İslam tarihinde ilk hoşgörü örneği Hz. Adem’in oğlu Habil’in kendisini öldürmek isteyen kardeşi Kabil’e karşı “Andolsun ki, sen beni öldürmek istesen de ben sana elimi uzatmayacağım” (Maide, 28. ayet.) sözüdür ve çok önemlidir.

Özellikle de ceberut, zalim ve gaddar insanların korkunç davranışlarına karşı en etkin, makul ve mert davranış şekli hoşgörüye sığınmaktır. Çünkü tehlikede olan bir cana dünyada hiçbir şey bedel olamaz, canın kurtulması esastır. Çünkü cihan cana bedel değildir. Cihanı versen giden canı geri getiremezsin.

İslam tarihi bu gibi olayların erişilmez yücelikte hoşgörü örnekleri ile doludur. Müslümanların çoğunlukta zaafları bu güzel örnekleri bildikleri, inandıkları halde sırf nefsani ve dünyevi, hatta şeytani düşüncelerle bu asil hoşgörü örneklerini hayatımıza yansıtamamamızdır. Bunu yapmadığımız, iç ve dış mihrakların oyunlarını kendi süfli menfaatlerimizle birleştirerek hareket ettiğimiz müddetçe İslam milletinin burnu çamurdan çıkmayacak, dünyada büyük acılardan, ahirette ise ilahi azaptan kurtulamayacaklardır.

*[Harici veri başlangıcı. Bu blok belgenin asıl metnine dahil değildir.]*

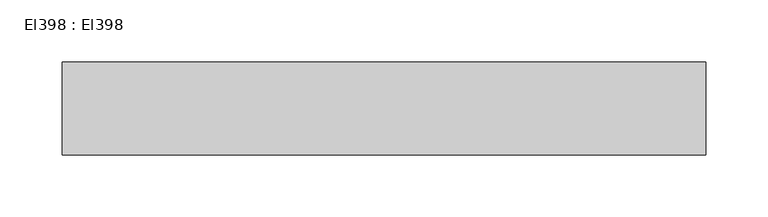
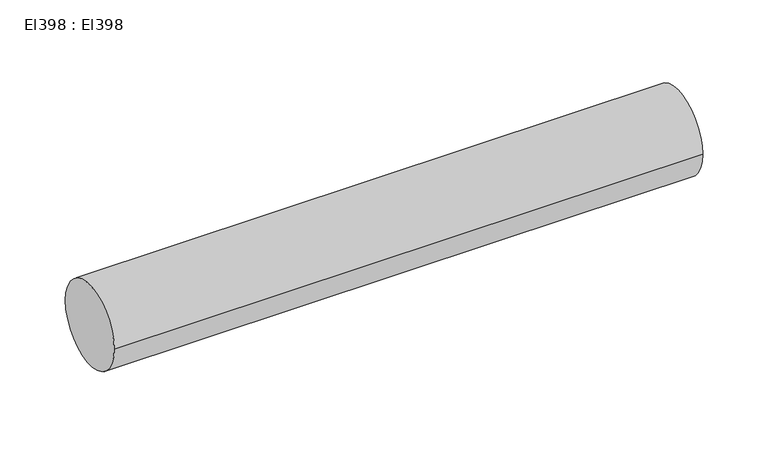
"""IFC4 building model written with IfcOpenShell, lengths in millimetres: cable carrier segment geometry, El398 : El398."""

from ifc_helpers import new_model, si_unit, point, frame, frame_2d, origin, place, context, project, spatial, circle_curve, trimmed, segment, composite_curve, outline, extrude, source, transform, mapped, element, save


def el398_el398_4ab1d4cf(model_context):
    return source(origin(), model_context, "Body", "SweptSolid", [
        extrude(outline(composite_curve([segment(trimmed(circle_curve(frame_2d((13222.1, 1200.0)), 37.5), [point((13184.6, 1200.0))], [point((13259.6, 1200.0))], False, "CARTESIAN"), True, "CONTINUOUS"), segment(trimmed(circle_curve(frame_2d((13222.1, 1200.0)), 37.5), [point((13259.6, 1200.0))], [point((13184.6, 1200.0))], False, "CARTESIAN"), True, "CONTINUOUS")], self_intersect=False)), frame((24202.954, 0.0, 0.0), z_axis=(1.0, 0.0, 0.0), x_axis=(0.0, 1.0, 0.0)), (0.0, 0.0, 1.0), 519.292),
    ])


if __name__ == "__main__":
    model = new_model("IFC4")
    model_context = context("Model", 3, world=origin())
    ifc_project = project(units=[si_unit("LENGTHUNIT", "METRE", prefix="MILLI")], contexts=[model_context])
    site = spatial("IfcSite", under=ifc_project)
    building = spatial("IfcBuilding", under=site)
    placement = place(None, origin())
    el398_el398_shape = el398_el398_4ab1d4cf(model_context)
    element("IfcCableCarrierSegment", 1, ObjectType="El398 : El398", at=placement, inside=building, context=model_context, shape_type="MappedRepresentation", body=[
        mapped(el398_el398_shape, transform((0.0, 0.0, 0.0), x_axis=(1.0, 0.0, 0.0), y_axis=(0.0, 1.0, 0.0), z_axis=(0.0, 0.0, 1.0))),
    ])
    save(model, "model.ifc")
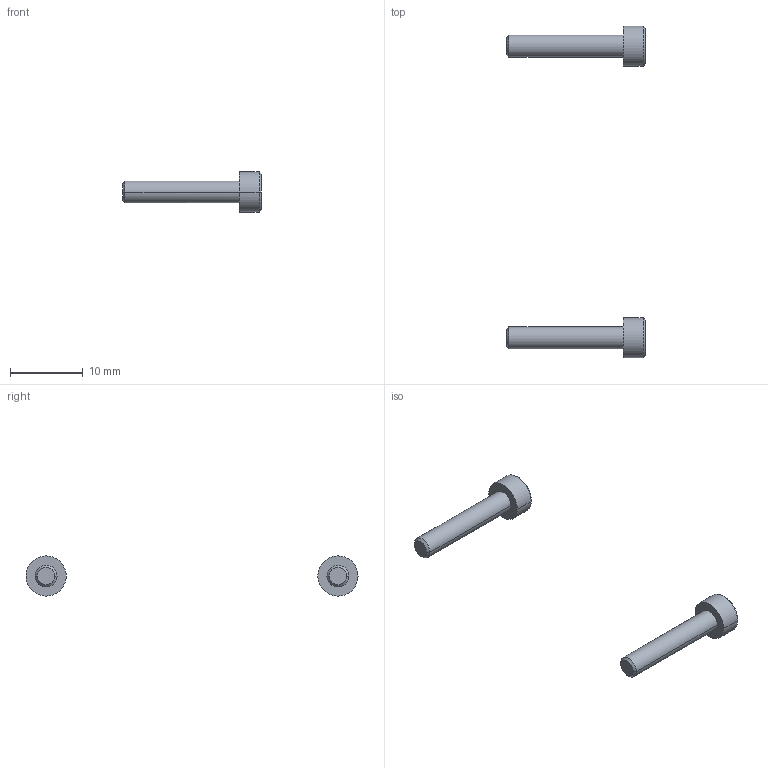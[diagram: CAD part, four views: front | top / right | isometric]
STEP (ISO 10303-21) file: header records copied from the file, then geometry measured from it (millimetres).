
FILE_DESCRIPTION(/* description */ (''),/* implementation_level */ '2;1');
FILE_NAME(/* name */ '9.electronics#9.4#CB3-16',/* time_stamp */ '2014-12-01T20:18:49+01:00',/* author */ (''),/* organization */ (''),/* preprocessor_version */ 'ST-DEVELOPER v14',/* originating_system */ '',/* authorisation */ '');
FILE_SCHEMA (('AUTOMOTIVE_DESIGN'));
Length unit declared in the file: millimetre
Products named in the file (1): Document
Bounding box: 19 x 45.5 x 5.49 mm (x, y, z)
Volume: 349.5 mm3; surface area: 517.1 mm2
Topology: 2 solids, 2 shells, 50 faces, 112 edges, 66 vertices
Faces by surface type: plane 30, bspline 20
Entity records: 2731 total; most frequent: CARTESIAN_POINT 1257, B_SPLINE_CURVE_WITH_KNOTS 252, ORIENTED_EDGE 216, PCURVE 216, DEFINITIONAL_REPRESENTATION 216, SURFACE_CURVE 108, EDGE_CURVE 108, VERTEX_POINT 66
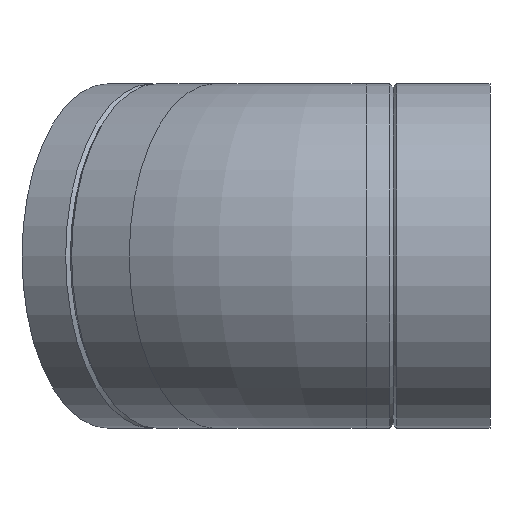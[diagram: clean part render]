
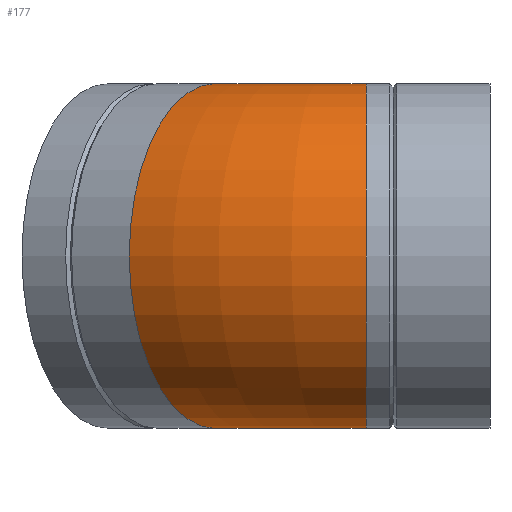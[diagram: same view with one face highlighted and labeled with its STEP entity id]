
A CAD part, left-side view. The second image highlights one B-rep face of the part: STEP entity #177.
In plain terms, the highlighted toroidal (fillet/blend) face has major radius 140 mm and minor radius 80 mm.
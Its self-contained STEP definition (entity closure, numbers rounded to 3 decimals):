
#15=TOROIDAL_SURFACE($,#207,140.,80.);
#32=FACE_BOUND($,#71,.T.);
#48=FACE_OUTER_BOUND($,#70,.T.);
#70=EDGE_LOOP($,(#140));
#71=EDGE_LOOP($,(#141));
#85=CIRCLE($,#197,80.);
#90=CIRCLE($,#206,80.);
#99=VERTEX_POINT($,#291);
#104=VERTEX_POINT($,#305);
#113=EDGE_CURVE($,#99,#99,#85,.T.);
#118=EDGE_CURVE($,#104,#104,#90,.T.);
#140=ORIENTED_EDGE($,*,*,#118,.T.);
#141=ORIENTED_EDGE($,*,*,#113,.F.);
#177=ADVANCED_FACE($,(#48,#32),#15,.T.);
#197=AXIS2_PLACEMENT_3D($,#292,#240,#241);
#206=AXIS2_PLACEMENT_3D($,#306,#258,#259);
#207=AXIS2_PLACEMENT_3D($,#307,#260,#261);
#240=DIRECTION('center_axis',(0.,-1.,0.));
#241=DIRECTION('ref_axis',(1.,0.,0.));
#258=DIRECTION('center_axis',(-0.5,-0.866,0.));
#259=DIRECTION('ref_axis',(0.866,-0.5,0.));
#260=DIRECTION('center_axis',(0.,0.,-1.));
#261=DIRECTION('ref_axis',(-1.,0.,0.));
#291=CARTESIAN_POINT('',(-80.,57.487,0.));
#292=CARTESIAN_POINT('Origin',(0.,57.487,0.));
#305=CARTESIAN_POINT('',(-50.526,167.487,0.));
#306=CARTESIAN_POINT('Origin',(18.756,127.487,0.));
#307=CARTESIAN_POINT('Origin',(140.,57.487,0.));
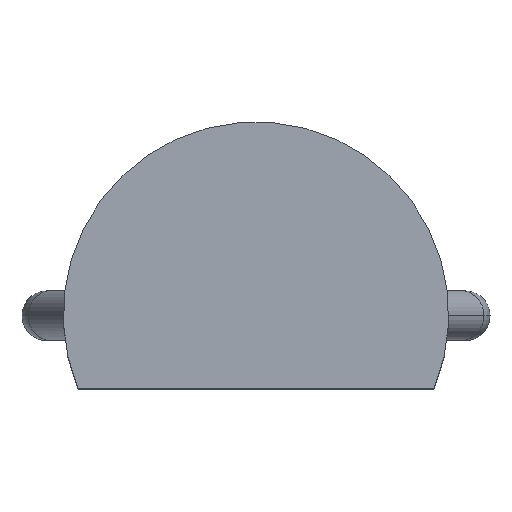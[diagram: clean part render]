
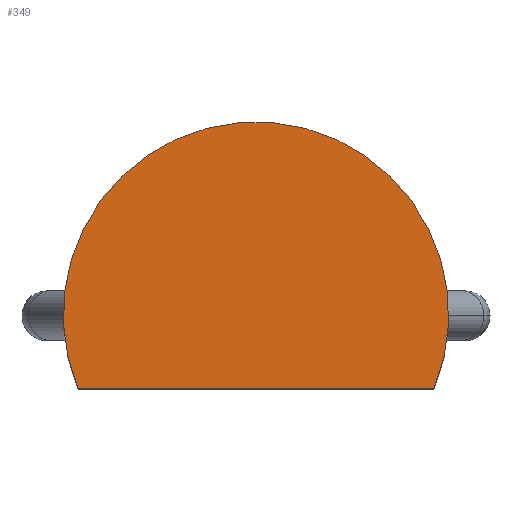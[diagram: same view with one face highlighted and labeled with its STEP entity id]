
A CAD part, top view. The second image highlights one B-rep face of the part: STEP entity #349.
In plain terms, the highlighted planar face has unit normal (0, 0, 1).
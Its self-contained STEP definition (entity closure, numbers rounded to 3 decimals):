
#268=CARTESIAN_POINT('',(4.976,-0.952,4.953));
#267=VERTEX_POINT('',#268);
#278=CARTESIAN_POINT('',(0.404,-0.952,4.953));
#277=VERTEX_POINT('',#278);
#276=EDGE_CURVE('',#277,#267,#281,.T.);
#281=LINE('',#278,#283);
#283=VECTOR('',#284,4.572);
#284=DIRECTION('',(1.0,0.0,0.0));
#305=EDGE_CURVE($,#267,#277,#310,.T.);
#310=CIRCLE($,#311,2.477);
#312=CARTESIAN_POINT('',(2.69,0.0,4.953));
#311=AXIS2_PLACEMENT_3D($,#312,#313,#314);
#313=DIRECTION('',(0.0,0.0,1.0));
#314=DIRECTION('',(-1.0,0.0,0.0));
#349=ADVANCED_FACE($,(#355),#350,.T.);
#350=PLANE($,#351);
#351=AXIS2_PLACEMENT_3D($,#352,#353,#354);
#352=CARTESIAN_POINT('',(2.69,0.0,4.953));
#353=DIRECTION('',(0.,0.,1.));
#354=DIRECTION('',(1.,0.,0.));
#355=FACE_OUTER_BOUND($,#356,.T.);
#356=EDGE_LOOP($,(#357, #368));
#357=ORIENTED_EDGE('',*,*,#276,.T.);
#368=ORIENTED_EDGE('',*,*,#305,.T.);

1500 senedir değişmeyen ve kıyamete kadar da hiç değişmeyecek olan bir gerçek vardır. O da Allah’ın kutlu ve mutlu resulü Hz. Muhammed SAV.in bütün insanlığa yegane ve tek örnek olmasıdır. Fert, aile, toplum ve toplumlar bunu başardıkları an, hem dünyada hem de ahirette ebedi, mutludurlar. Aksi halde şirazesi kopmuş iplik yumağı gibi dolaşıklıktan asla kurtulamayacaklardır.

Öyle ise, yüce Allah’ın bu konudaki emrine kulak verelim.

“Andolsun ki, yemin ederim ki, Allah’ın resulü Hz. Muhammed SAV. Allah’a ve ahiret gününe kavuşmak, mutluluğa erişmek ve Allah’ı çok zikredenler için en güzel bir örnektir. (Onun yaşayışı sizin için en etkin bir modeldir.)” (Azhap suresi, 21. ayet, sh.419)

Şimdi, bu ilahi kanun ortada iken, insanların model aramaları insanları felakete götüren bir yoldur. Bu yazımızda bu güzel örneklerden çokça sunacağız ve insanlarımızı muhtemel tehlikelere karşı uyaracak ve onların korunmalarından mutlu olacağız.

Şimdi, bugün dünya global bir köy haline gelmiştir. Köyde yaşayan bir kardeşimiz köyünde olan bir hadiseyi ve dünyanın öbür ucunda meydana gelen bir olayı aynı anda öğrenebiliyor. Yani komşusunun halini internetten hemen görüyor. Erişilmez bir iletişim ağının örüldüğü bir dünyada yaşıyoruz. Kötü niyetli insanlar bu teknolojik imkanı kullanarak dünyayı birbirine katıyor, yalanı yılan haline getirebiliyorlar. İşte böyle bir zamanda din, dil, ırk, etnik köken, mezhep, meşrep, tarikat, siyasi düşünceler, ekonomik çıkar çatışmaları kötüye kullanılmak suretiyle dünyayı savaş alanına döndürebiliyorlar. Böyle bir durumda elimizde en büyük koz ve etkin silah bu yalanlara inanmamak, hoşgörü kalkanını hiçbir zaman elimizden bırakmamak, bütün olaylara hoşgörü ile yaklaşmaktır.

Alemlere rahmet olarak gönderilen (Enbiya Suresi 107. ayet) Hz. Muhammed SAV.’in eşsiz bir hoşgörü örneği:

farklı din mensuplarına, inanç özgürlüğü açısından son derece toleranslı davranmış, eşi benzeri az bulunur hoşgörü davranışları sergilemiştir.